Wie auf frischer Tat ertappt, zuckte ich zusammen.
“Äh ja, also die Gasflasche hier…Sie war an die Lüftungsanlage angeschlossen.”
“Was ist in der Gasflasche drin?”
Ich war mir nicht sicher, ob mich Hermieoth verdächtigte oder ob er mir glaubte, dass ich das Ding gefunden hatte.
“Ich hab keine Ahnung.”
“Hast Du einen luftdichten Anzug und einen Helm an Bord? Wir sollten auf Nummer sicher gehen.”
Es schien so, als ob Hermieoth mich nicht verdächtigte. Nachdem wir uns Raumanzüge angezogen hatten, brachten wir die Gasflasche in die bordeigene Werkstatt. Allerdings gab es dort keine Geräte, die uns irgendwie weiterhelfen konnten.
“Vielleicht können die Scanner in der Krankenstation das Gas analysieren”, schlug ich mit nervöser Stimme vor.
Doch auch das brachte uns nicht weiter. Keiner von uns konnte die Scanner bedienen. Wir brauchten Ella, unsere Krankenschwester. Dummerweise waren Ella und die anderen noch nicht zurück aus Lorville.
Hermieoth schien langsam auch etwas nervös zu werden.
“Wir sollten uns bewaffnen und das ganze Schiff durchsuchen. Nicht dass wir einen blinden Passagier an Bord haben.”
Hermieoth hatte recht. Die ganze Sache stinkte zum Himmel. Wir konnten nicht vorsichtig genug sein. Ausgestattet mit Rüstungen und Waffen fingen wir an, jeden Winkel der Carrack zu durchsuchen. Als der Rest der Crew zurück an Bord war, halfen sie uns bei der Suche.
Als erstes fand Hermieoth mehrere Mikrofone. Dann fand ich einen Sender. Ein ausgeklügeltes kleines Gerät, das durch den Quantum-Tunnel senden konnte, über sehr große Distanzen. Das brachte das Fass zum Überlaufen. Wir wurden überwacht, die ganze Zeit. Irgendjemand spielte ein ganz mieses Spiel mit uns.
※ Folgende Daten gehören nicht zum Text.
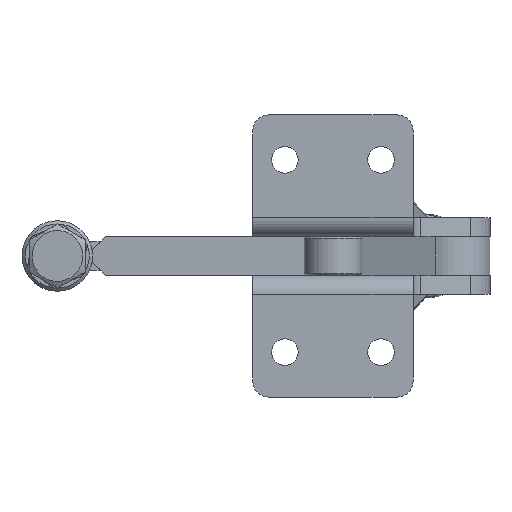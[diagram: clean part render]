
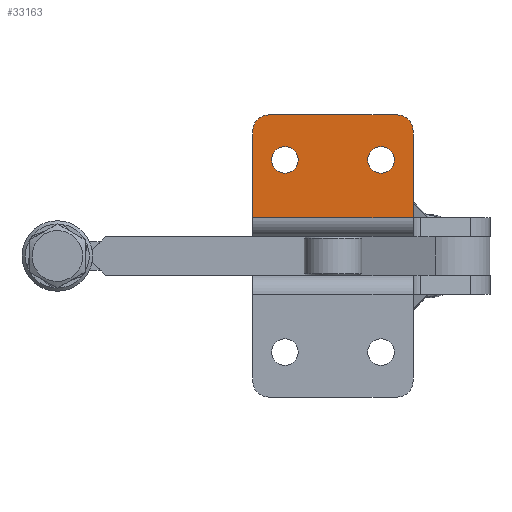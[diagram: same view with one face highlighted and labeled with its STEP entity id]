
A CAD part, front view. The second image highlights one B-rep face of the part: STEP entity #33163.
In plain terms, the highlighted planar face has unit normal (0, -1, 0).
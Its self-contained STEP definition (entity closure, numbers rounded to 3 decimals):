
#1109=FACE_BOUND('',#4738,.T.);
#1110=FACE_BOUND('',#4739,.T.);
#1240=PLANE('',#35472);
#2916=FACE_OUTER_BOUND('',#4737,.T.);
#4737=EDGE_LOOP('',(#24163,#24164,#24165,#24166,#24167,#24168));
#4738=EDGE_LOOP('',(#24169,#24170));
#4739=EDGE_LOOP('',(#24171,#24172));
#6628=LINE('',#75367,#9682);
#6631=LINE('',#75374,#9685);
#6636=LINE('',#75384,#9690);
#6637=LINE('',#75388,#9691);
#9682=VECTOR('',#39509,1000.);
#9685=VECTOR('',#39514,1000.);
#9690=VECTOR('',#39527,1000.);
#9691=VECTOR('',#39530,1000.);
#12627=CIRCLE('',#35435,4.15);
#12630=CIRCLE('',#35438,4.15);
#12631=CIRCLE('',#35440,4.15);
#12634=CIRCLE('',#35443,4.15);
#12651=CIRCLE('',#35473,5.);
#12652=CIRCLE('',#35474,5.);
#14368=VERTEX_POINT('',#74577);
#14369=VERTEX_POINT('',#74578);
#14372=VERTEX_POINT('',#74587);
#14373=VERTEX_POINT('',#74588);
#14483=VERTEX_POINT('',#75364);
#14484=VERTEX_POINT('',#75366);
#14486=VERTEX_POINT('',#75372);
#14487=VERTEX_POINT('',#75373);
#14489=VERTEX_POINT('',#75385);
#14490=VERTEX_POINT('',#75387);
#18072=EDGE_CURVE('',#14368,#14369,#12627,.T.);
#18076=EDGE_CURVE('',#14369,#14368,#12630,.T.);
#18077=EDGE_CURVE('',#14372,#14373,#12631,.T.);
#18081=EDGE_CURVE('',#14373,#14372,#12634,.T.);
#18197=EDGE_CURVE('',#14484,#14483,#6628,.T.);
#18200=EDGE_CURVE('',#14486,#14487,#6631,.T.);
#18206=EDGE_CURVE('',#14483,#14486,#6636,.T.);
#18207=EDGE_CURVE('',#14487,#14489,#12651,.T.);
#18208=EDGE_CURVE('',#14489,#14490,#6637,.T.);
#18209=EDGE_CURVE('',#14490,#14484,#12652,.T.);
#24163=ORIENTED_EDGE('',*,*,#18197,.T.);
#24164=ORIENTED_EDGE('',*,*,#18206,.T.);
#24165=ORIENTED_EDGE('',*,*,#18200,.T.);
#24166=ORIENTED_EDGE('',*,*,#18207,.T.);
#24167=ORIENTED_EDGE('',*,*,#18208,.T.);
#24168=ORIENTED_EDGE('',*,*,#18209,.T.);
#24169=ORIENTED_EDGE('',*,*,#18072,.F.);
#24170=ORIENTED_EDGE('',*,*,#18076,.F.);
#24171=ORIENTED_EDGE('',*,*,#18077,.F.);
#24172=ORIENTED_EDGE('',*,*,#18081,.F.);
#33163=ADVANCED_FACE('',(#2916,#1109,#1110),#1240,.T.);
#35435=AXIS2_PLACEMENT_3D('',#74579,#39374,#39375);
#35438=AXIS2_PLACEMENT_3D('',#74585,#39381,#39382);
#35440=AXIS2_PLACEMENT_3D('',#74589,#39385,#39386);
#35443=AXIS2_PLACEMENT_3D('',#74595,#39392,#39393);
#35472=AXIS2_PLACEMENT_3D('',#75383,#39525,#39526);
#35473=AXIS2_PLACEMENT_3D('',#75386,#39528,#39529);
#35474=AXIS2_PLACEMENT_3D('',#75389,#39531,#39532);
#39374=DIRECTION('center_axis',(0.,-1.,0.));
#39375=DIRECTION('ref_axis',(0.,0.,1.));
#39381=DIRECTION('center_axis',(0.,-1.,0.));
#39382=DIRECTION('ref_axis',(0.,0.,1.));
#39385=DIRECTION('center_axis',(0.,-1.,0.));
#39386=DIRECTION('ref_axis',(0.,0.,-1.));
#39392=DIRECTION('center_axis',(0.,-1.,0.));
#39393=DIRECTION('ref_axis',(0.,0.,-1.));
#39509=DIRECTION('',(0.,0.,-1.));
#39514=DIRECTION('',(0.,0.,1.));
#39525=DIRECTION('center_axis',(0.,-1.,0.));
#39526=DIRECTION('ref_axis',(0.,0.,-1.));
#39527=DIRECTION('',(1.,0.,0.));
#39528=DIRECTION('center_axis',(0.,-1.,0.));
#39529=DIRECTION('ref_axis',(0.,0.,-1.));
#39530=DIRECTION('',(-1.,0.,0.));
#39531=DIRECTION('center_axis',(0.,-1.,0.));
#39532=DIRECTION('ref_axis',(0.,0.,-1.));
#74577=CARTESIAN_POINT('',(40.,0.,28.15));
#74578=CARTESIAN_POINT('',(40.,0.,19.85));
#74579=CARTESIAN_POINT('Origin',(40.,0.,24.));
#74585=CARTESIAN_POINT('Origin',(40.,0.,24.));
#74587=CARTESIAN_POINT('',(10.,0.,28.15));
#74588=CARTESIAN_POINT('',(10.,0.,19.85));
#74589=CARTESIAN_POINT('Origin',(10.,0.,24.));
#74595=CARTESIAN_POINT('Origin',(10.,0.,24.));
#75364=CARTESIAN_POINT('',(0.,0.,6.));
#75366=CARTESIAN_POINT('',(0.,0.,33.));
#75367=CARTESIAN_POINT('',(0.,0.,0.));
#75372=CARTESIAN_POINT('',(50.,0.,6.));
#75373=CARTESIAN_POINT('',(50.,0.,33.));
#75374=CARTESIAN_POINT('',(50.,0.,0.));
#75383=CARTESIAN_POINT('Origin',(45.,0.,33.));
#75384=CARTESIAN_POINT('',(50.,0.,6.));
#75385=CARTESIAN_POINT('',(45.,0.,38.));
#75386=CARTESIAN_POINT('Origin',(45.,0.,33.));
#75387=CARTESIAN_POINT('',(5.,0.,38.));
#75388=CARTESIAN_POINT('',(45.,0.,38.));
#75389=CARTESIAN_POINT('Origin',(5.,0.,33.));

Während ich noch versuchte, Wut und Panik im Zaum zu halten, hörten wir plötzlich Brubacker über Funk. Er sagte noch etwas von Rauch aus der Lüftung, dann hustete er schwer. Anscheinend bekam er keine Luft und konnte sich nicht bewegen. Ella war als erstes bei ihm und zog ihn aus dem Gefahrenbereich.
Als wir alle in der Messe versammelt waren, legte Hermieoth das Mikrofon und ich den Sender auf den Tisch. Es war Hermieoth der als erstes einen ungeheuerlichen Verdacht aussprach.
“Kann es sein, dass wir Teilnehmer einer unfreiwilligen Sitcom sind, nach dem Motto: Idioten im All, um die Zuhörerzahlen ein wenig in die Höhe zu treiben?”
Brubacker winkte ab und verließ den Raum. Toller Kapitän. Anstatt die Situation in den Griff zu bekommen, verschwand er einfach. Doch nicht lange. Nur eine Minute später tauchte er wieder auf. Der Schreck stand ihm ins Gesicht geschrieben.
“Der Teddybär in meinem Quartier. Die Augen. Das sind Kameras. Wir werden nicht nur abgehört, wir werden auch gefilmt. Leute, ich glaube in der Tat auch, wir werden hier auf die Rolle geschoben.”
Na toll. So viel zu “ich bleibe unentdeckt, unter dem Radar”. Irgendwie war klar, dass eine Radiosendung Aufmerksamkeit erregen würde. Allerdings hatte Brubacker versichert, dass die Ausstrahlung der Sendung erst später erfolgte. Bisher war ich davon ausgegangen, dass ich bis dahin längst untergetaucht sein würde. Ich musste hier weg, so schnell wie möglich.
“Wissen wir was in der Gasflasche ist?”, fragte Husky.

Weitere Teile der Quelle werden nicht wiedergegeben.